Copy each line in the data that includes the word "ORANGE".

┄┄┄┄┄┄┄┄┄┄

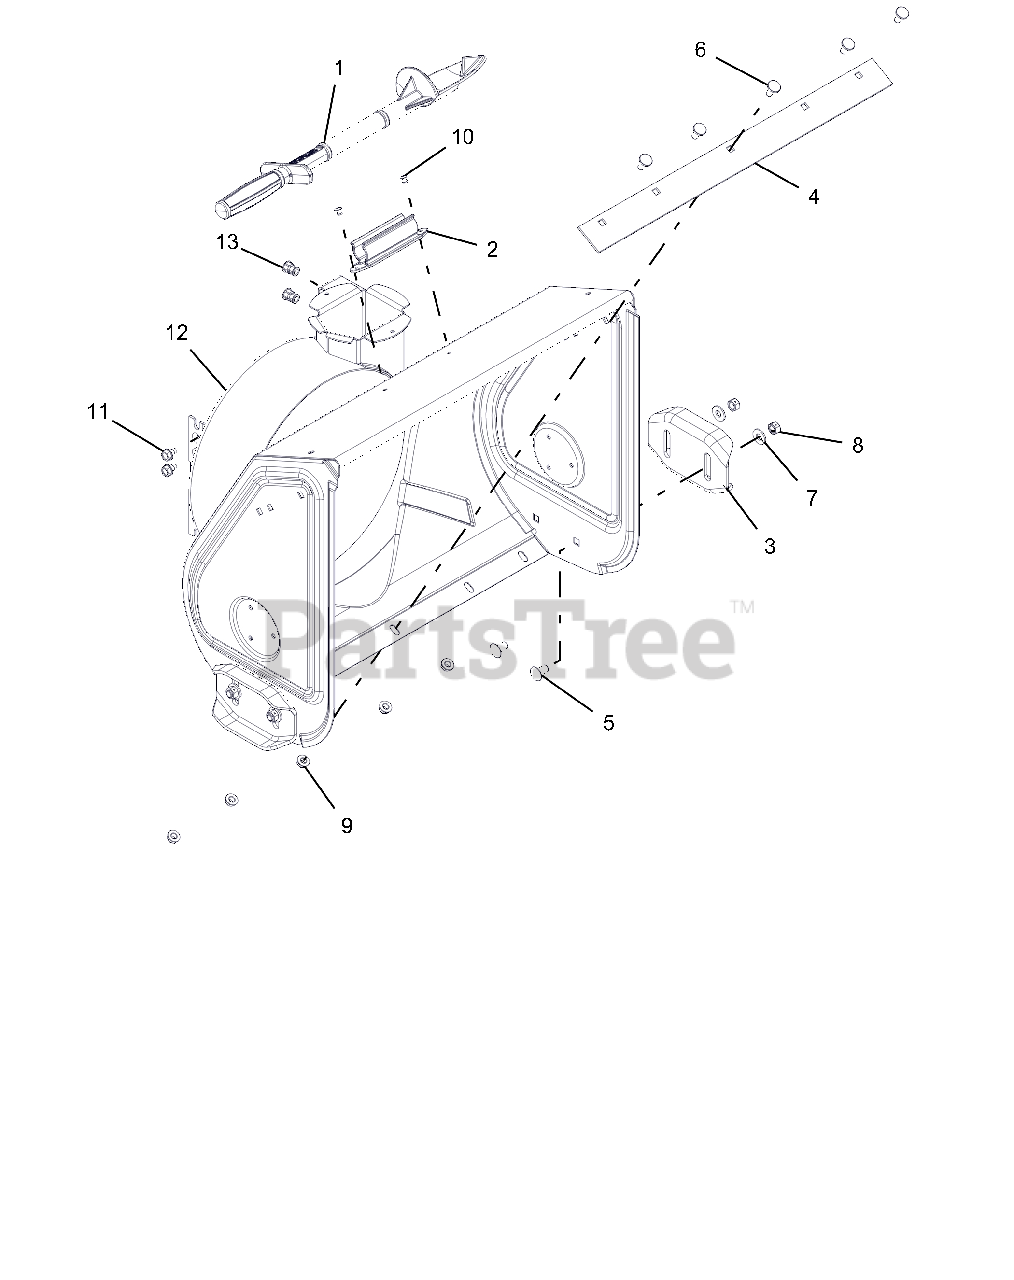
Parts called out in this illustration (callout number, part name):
1	DEVICE, SNOW CLEAN OUT
2	MOUNT, SNOW CLEAN OUT
3	SKID SHOE, REVERSIBLE - ORANGE
4	SCRAPER BLADE, 22" COMPACT
5	@BLT-RHDSSQNK .38-16X.75 G5YZ
6	BOLT, MODIFIED HEAD CARRIAGE
7	@WSHR-FL-STL.38X.875X.083 YWZC
8	@NUT-LK-CTR .38-16 YWZC
9	@NUT-LK-TOP-FLG .31-18 YWZC
10	RVT-POP .187 YZ
11	@SCR-TAP .31-18X.50 HWH TR YWZ
12	BLOWER HOUSING, 22" HI ORANGE
13	NUT, THREADED INSERT .38-16
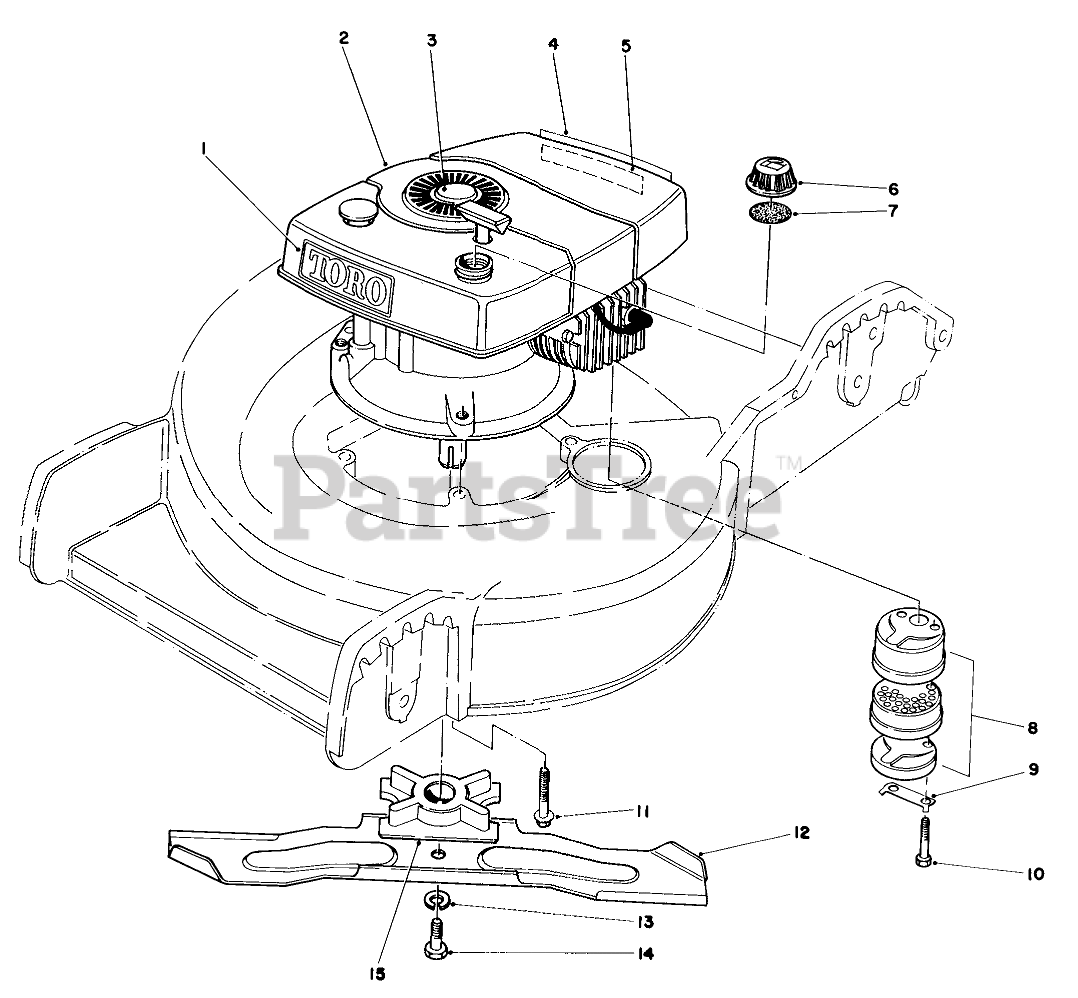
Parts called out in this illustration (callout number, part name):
1	Decal Tow
2	Engine
3	Plug Button
4	Decal-Primer
5	Decal Maintenance
6	Gas Cap Assembly (Incl. Ref. #7)
7	GAS CAP GASKET
8	Muffler Assembly (Incl. Ref. #10 & 11)
9	CLIP - LOCKING
10	SCREW-HH
11	3/8-16 X 2 CAPSCREW
12	Blade
13	WASHER-LOCK
14	SCREW-HH
15	BLADE RETAINER
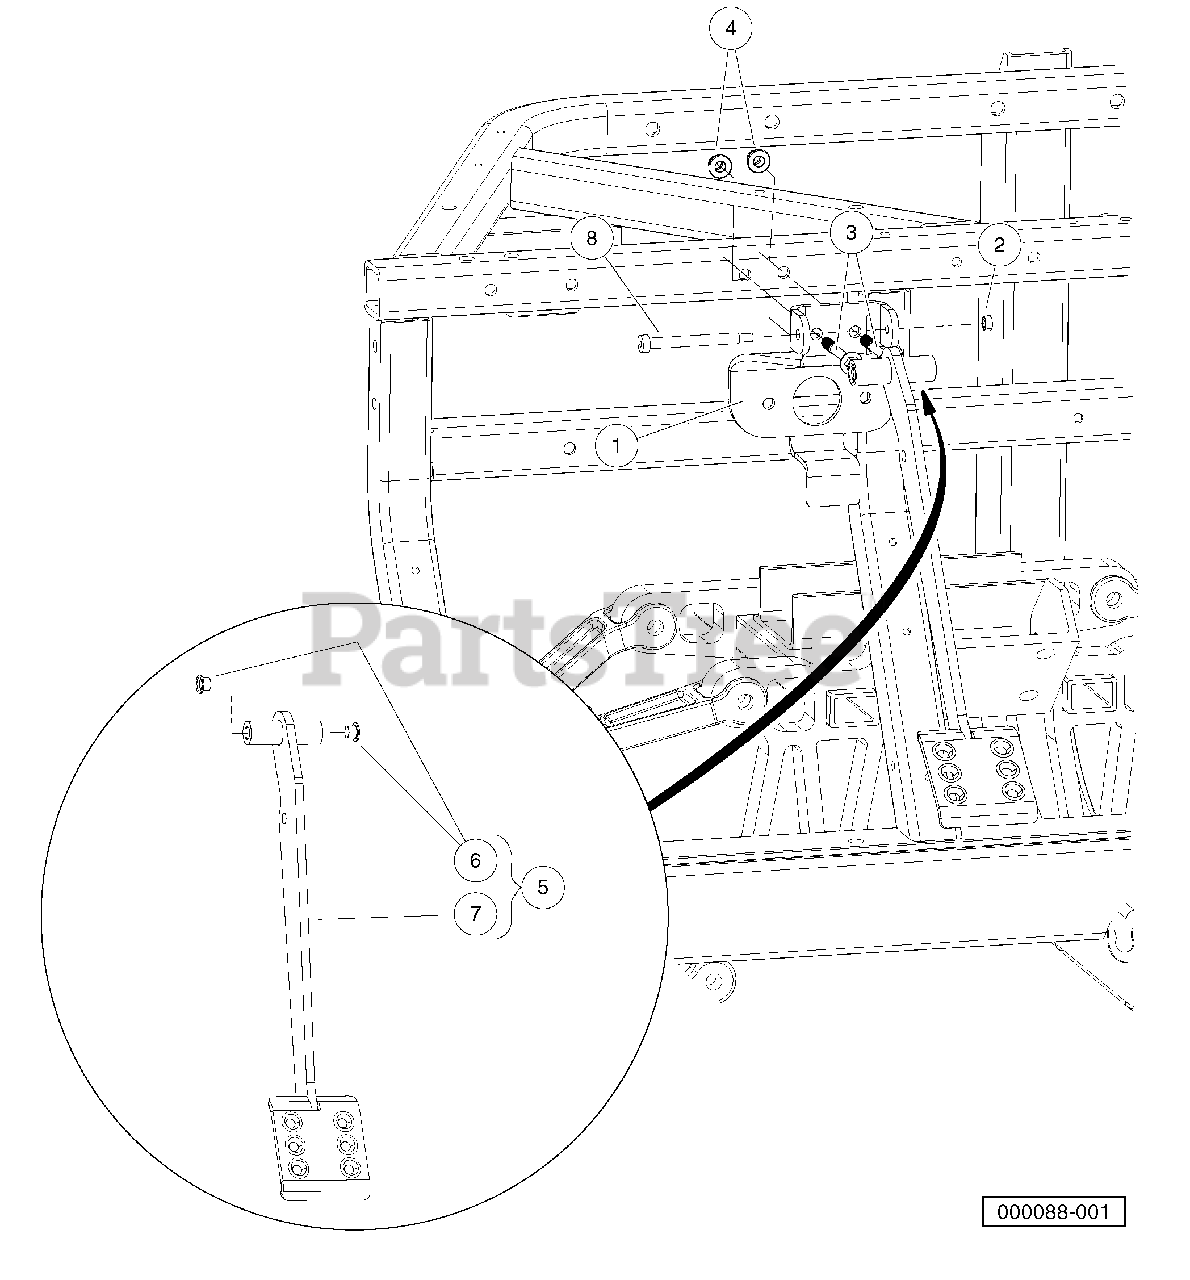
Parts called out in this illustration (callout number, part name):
1	Bracket, Pedal, Brake
2	Nut M6x1 Mech Def Center
3	Bolt Flanged Head, M8 X 1.25 X 65
4	Lock Nut, Flg M8 X 1.25 Nylon
5	Asm, Pedal, Brake, Hung
6	Bushing, Greaseless
7	Weldment, Pedal, Brake, Hung
8	Bolt, Shoulder, M8 X 70, Hc
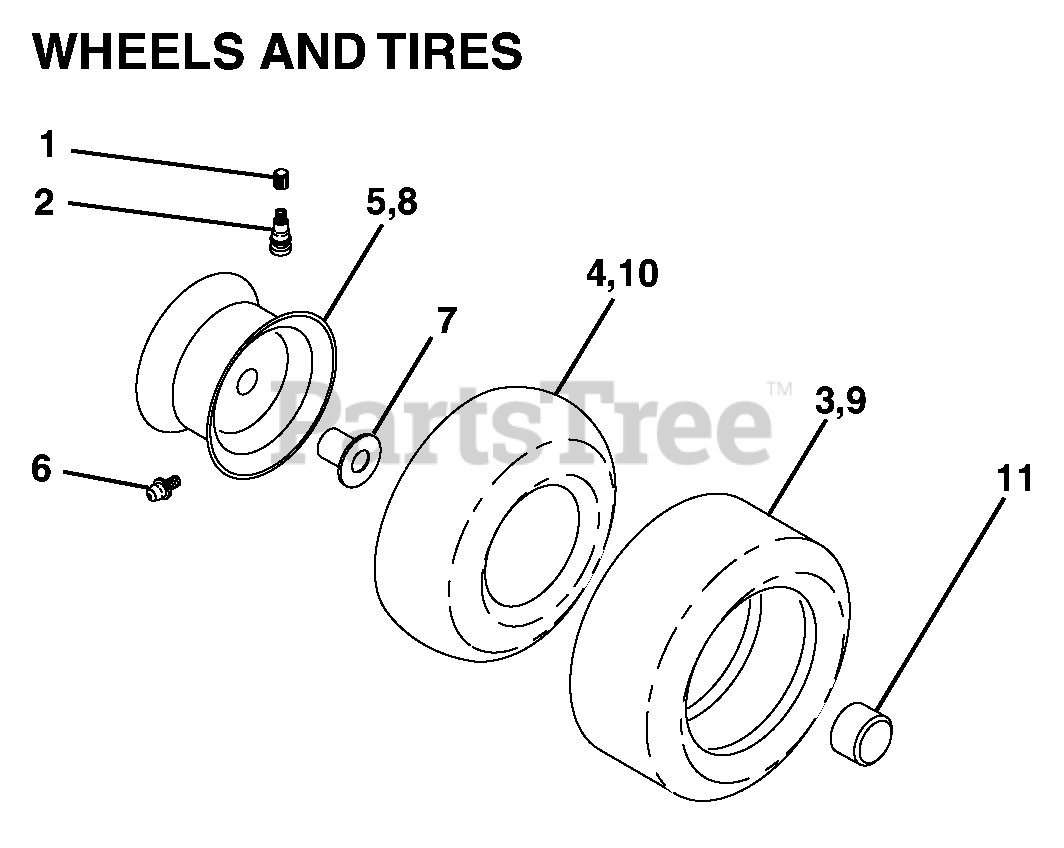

┄┄┄┄┄┄┄┄┄┄

▸ Reply to the task
3	SKID SHOE, REVERSIBLE - ORANGE
12	BLOWER HOUSING, 22" HI ORANGE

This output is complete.